Las similitudes entre ambos procesos, entonces, se multiplican. Arzú tenía una baja popularidad y los entusiastas del sí carecían de bases populares para ganar el referendo. Eran más numerosos y persistentes los miembros de la derecha conservadora, apoyada también en las Fuerzas Militares. Las mentiras eran rezos: corrió el rumor de que las Fuerzas Militares se iban a acabar si ganaba el sí. En Guatemala, votó el 18% de los ciudadanos que podían hacerlo; en Colombia, votó el 37%. El analista Jerónimo Ríos Sierra escribió en The HuffingtonPost: “En aquella ocasión, en Guatemala participó menos del 20%. En Colombia ayer lo hizo el 37%. Es decir, casi dos de cada tres personas con derecho a voto prefirieron no votar.

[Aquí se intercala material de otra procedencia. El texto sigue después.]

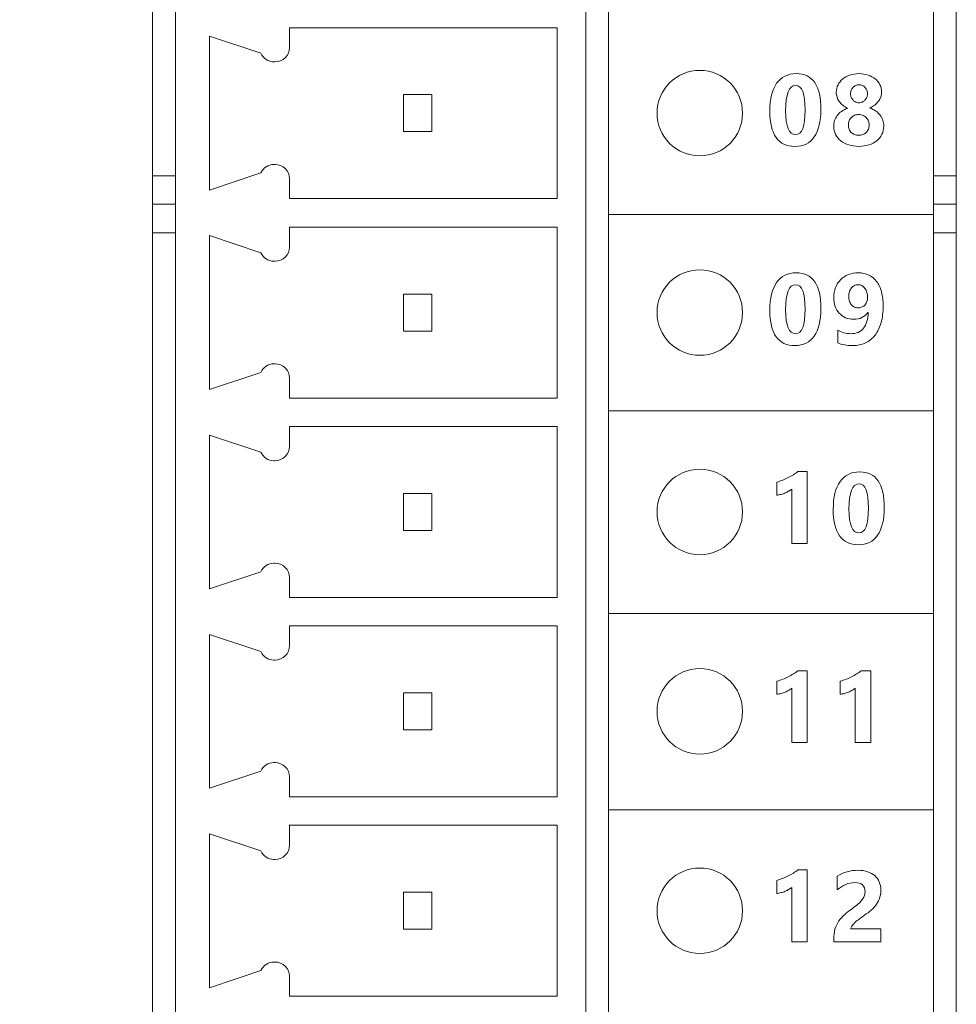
# Model space of a CAD drawing. Header units: millimetres. Extents: x 143 to 803, y 113 to 505.
# Tile 6 of 30: x 318 to 335, y 276 to 293. Entities that reach past the tile are written whole.
import ezdxf

# ---------------------------------------------------------------- set-up
doc = ezdxf.new("R2010")
doc.units = ezdxf.units.MM
doc.header["$MEASUREMENT"] = 0
doc.layers.add('layer 1', color=7, linetype='Continuous')
doc.dimstyles.get("Standard").update_dxf_attribs({"dimtxt": 0.18, "dimasz": 0.18, "dimexe": 0.18, "dimexo": 0.0625, "dimgap": 0.09, "dimtad": 0, "dimtih": 1, "dimtoh": 1, "dimdec": 4, "dimzin": 0, "dimdsep": 46, "dimtxsty": 'Standard', "dimcen": 0.09, "dimadec": 0, "dimazin": 0, "dimtfac": 1, "dimtdec": 4, "dimtofl": 0, "dimtmove": 0, "dimatfit": 3, "dimfxl": 1, "dimtolj": 1, "dimtzin": 0, "dimarcsym": 0})

# ---------------------------------------------------------------- blocks, each defined once
blk = doc.blocks.new('*D2')
at = {"color": 0, "lineweight": -2}
for p, q in [((322.221, 358.13), (259.858, 358.13)), ((260.038, 357.95), (260.038, 301.82)), ((260.038, 242.511), (260.038, 298.64)), ((322.221, 242.331), (259.858, 242.331))]:
    blk.add_line(p, q, dxfattribs=at)
at = {"color": 0}
for points in [[(260.008, 357.95), (260.068, 357.95), (260.038, 358.13)], [(260.008, 242.511), (260.068, 242.511), (260.038, 242.331)]]:
    blk.add_solid(points, dxfattribs=at)
at = {"layer": 'Defpoints', "color": 0}
for p in [(322.283, 358.13), (260.038, 242.331), (322.283, 242.331)]:
    blk.add_point(p, dxfattribs=at)
at = {"color": 0, "insert": (260.038, 300.23), "char_height": 3, "attachment_point": 5}
blk.add_mtext('\\A1;115.80', dxfattribs=at)

msp = doc.modelspace()

# ---------------------------------------------------------------- linework, layer by layer
at = {"layer": 'layer 1', "color": 250, "lineweight": 9}
for points, knots in [([(325.783, 354.83), (325.783, 356.08), (325.116, 357.235), (324.033, 357.861), (324.033, 357.861), (322.95, 358.486), (322.283, 242.331), (320.533, 357.861), (320.533, 357.861), (319.45, 357.235), (318.783, 356.08), (318.783, 354.83)], [0, 0, 0, 0, 0.25, 0.25, 0.25, 0.25, 0.5, 0.5, 0.5, 0.5, 1, 1, 1, 1]), ([(322.833, 292.33), (322.899, 292.33), (322.963, 292.357), (323.01, 292.403), (323.01, 292.403), (323.057, 292.45), (323.083, 292.514), (323.083, 292.58)], [0, 0, 0, 0, 0.333333, 0.333333, 0.333333, 0.333333, 1, 1, 1, 1]), ([(330.283, 290.68), (330.697, 290.68), (331.033, 291.016), (331.033, 291.43), (331.033, 291.43), (331.033, 291.845), (330.697, 292.18), (330.283, 292.18), (330.283, 292.18), (329.869, 292.18), (329.533, 291.845), (329.533, 291.43), (329.533, 291.43), (329.533, 291.016), (329.869, 290.68), (330.283, 290.68)], [0, 0, 0, 0, 0.2, 0.2, 0.2, 0.2, 0.4, 0.4, 0.4, 0.4, 0.6, 0.6, 0.6, 0.6, 1, 1, 1, 1]), ([(331.953, 290.845), (331.659, 290.845), (331.512, 291.052), (331.512, 291.465), (331.512, 291.465), (331.512, 291.679), (331.552, 291.842), (331.631, 291.954), (331.631, 291.954), (331.711, 292.067), (331.826, 292.123), (331.977, 292.123), (331.977, 292.123), (332.264, 292.123), (332.408, 291.913), (332.408, 291.493), (332.408, 291.493), (332.408, 291.284), (332.368, 291.124), (332.29, 291.013), (332.29, 291.013), (332.212, 290.901), (332.1, 290.845), (331.953, 290.845)], [0, 0, 0, 0, 0.142857, 0.142857, 0.142857, 0.142857, 0.285714, 0.285714, 0.285714, 0.285714, 0.428571, 0.428571, 0.428571, 0.428571, 0.571429, 0.571429, 0.571429, 0.571429, 0.714286, 0.714286, 0.714286, 0.714286, 1, 1, 1, 1]), ([(332.633, 291.2), (332.633, 291.234), (332.638, 291.267), (332.648, 291.299), (332.648, 291.299), (332.658, 291.331), (332.674, 291.36), (332.693, 291.388), (332.693, 291.388), (332.714, 291.415), (332.739, 291.44), (332.769, 291.461), (332.769, 291.461), (332.799, 291.482), (332.834, 291.5), (332.875, 291.514), (332.875, 291.514), (332.813, 291.545), (332.764, 291.585), (332.73, 291.633), (332.73, 291.633), (332.695, 291.682), (332.678, 291.736), (332.678, 291.794), (332.678, 291.794), (332.678, 291.841), (332.688, 291.885), (332.708, 291.926), (332.708, 291.926), (332.728, 291.966), (332.755, 292), (332.79, 292.03), (332.79, 292.03), (332.825, 292.059), (332.867, 292.082), (332.915, 292.098), (332.915, 292.098), (332.964, 292.115), (333.017, 292.123), (333.074, 292.123), (333.074, 292.123), (333.133, 292.123), (333.186, 292.115), (333.235, 292.098), (333.235, 292.098), (333.284, 292.082), (333.326, 292.059), (333.361, 292.03), (333.361, 292.03), (333.397, 292.001), (333.424, 291.967), (333.444, 291.927), (333.444, 291.927), (333.463, 291.888), (333.473, 291.845), (333.473, 291.798), (333.473, 291.798), (333.473, 291.739), (333.455, 291.687), (333.418, 291.639), (333.418, 291.639), (333.381, 291.59), (333.33, 291.551), (333.266, 291.52), (333.266, 291.52), (333.306, 291.506), (333.341, 291.489), (333.371, 291.467), (333.371, 291.467), (333.402, 291.445), (333.427, 291.421), (333.448, 291.393), (333.448, 291.393), (333.469, 291.365), (333.484, 291.335), (333.494, 291.303), (333.494, 291.303), (333.505, 291.271), (333.51, 291.237), (333.51, 291.202), (333.51, 291.202), (333.51, 291.149), (333.499, 291.101), (333.478, 291.058), (333.478, 291.058), (333.457, 291.015), (333.427, 290.977), (333.388, 290.946), (333.388, 290.946), (333.349, 290.915), (333.303, 290.89), (333.25, 290.873), (333.25, 290.873), (333.196, 290.856), (333.136, 290.847), (333.072, 290.847), (333.072, 290.847), (333.008, 290.847), (332.949, 290.855), (332.896, 290.873), (332.896, 290.873), (332.842, 290.89), (332.796, 290.914), (332.757, 290.945), (332.757, 290.945), (332.718, 290.976), (332.688, 291.013), (332.666, 291.056), (332.666, 291.056), (332.644, 291.099), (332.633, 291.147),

La abstención debe entenderse en clave de desafección y de falta de respaldo al proceso de paz, y a ello se une que una mayoría de votos exigua está en contra del diálogo”.
Deshechos los acuerdos de paz, el gobierno hizo cuanto pudo para salvar algunas de sus partes. Por eso, todo cuanto se pudo presentar como proyecto de ley cumplió ese trámite. Por eso se desmovilizó la URNG y por eso algunos de sus militantes terminaron en política. Las reformas de fondo, sin embargo, aquellas que pretendían terminar con la raíz del conflicto —es decir: el control del militarismo, la determinación de la defensa de los indígenas, su reparación integral, la reforma agraria, la repartición equitativa de la tierra y la inclusión política— quedaron sin trámite. El jurista guatemalteco Mario Antonio Canteo, que analizó la desembocadura de los acuerdos desde el Instituto de Estudios Comparados en Ciencias Penales, le dijo a Verdad Abierta: “El 95% de los acuerdos de paz no se han cumplido (...). Aunque se incluyeron temas sustantivos, no hubo ni la institucionalidad ni los recursos ni la voluntad política para hacerlos realidad.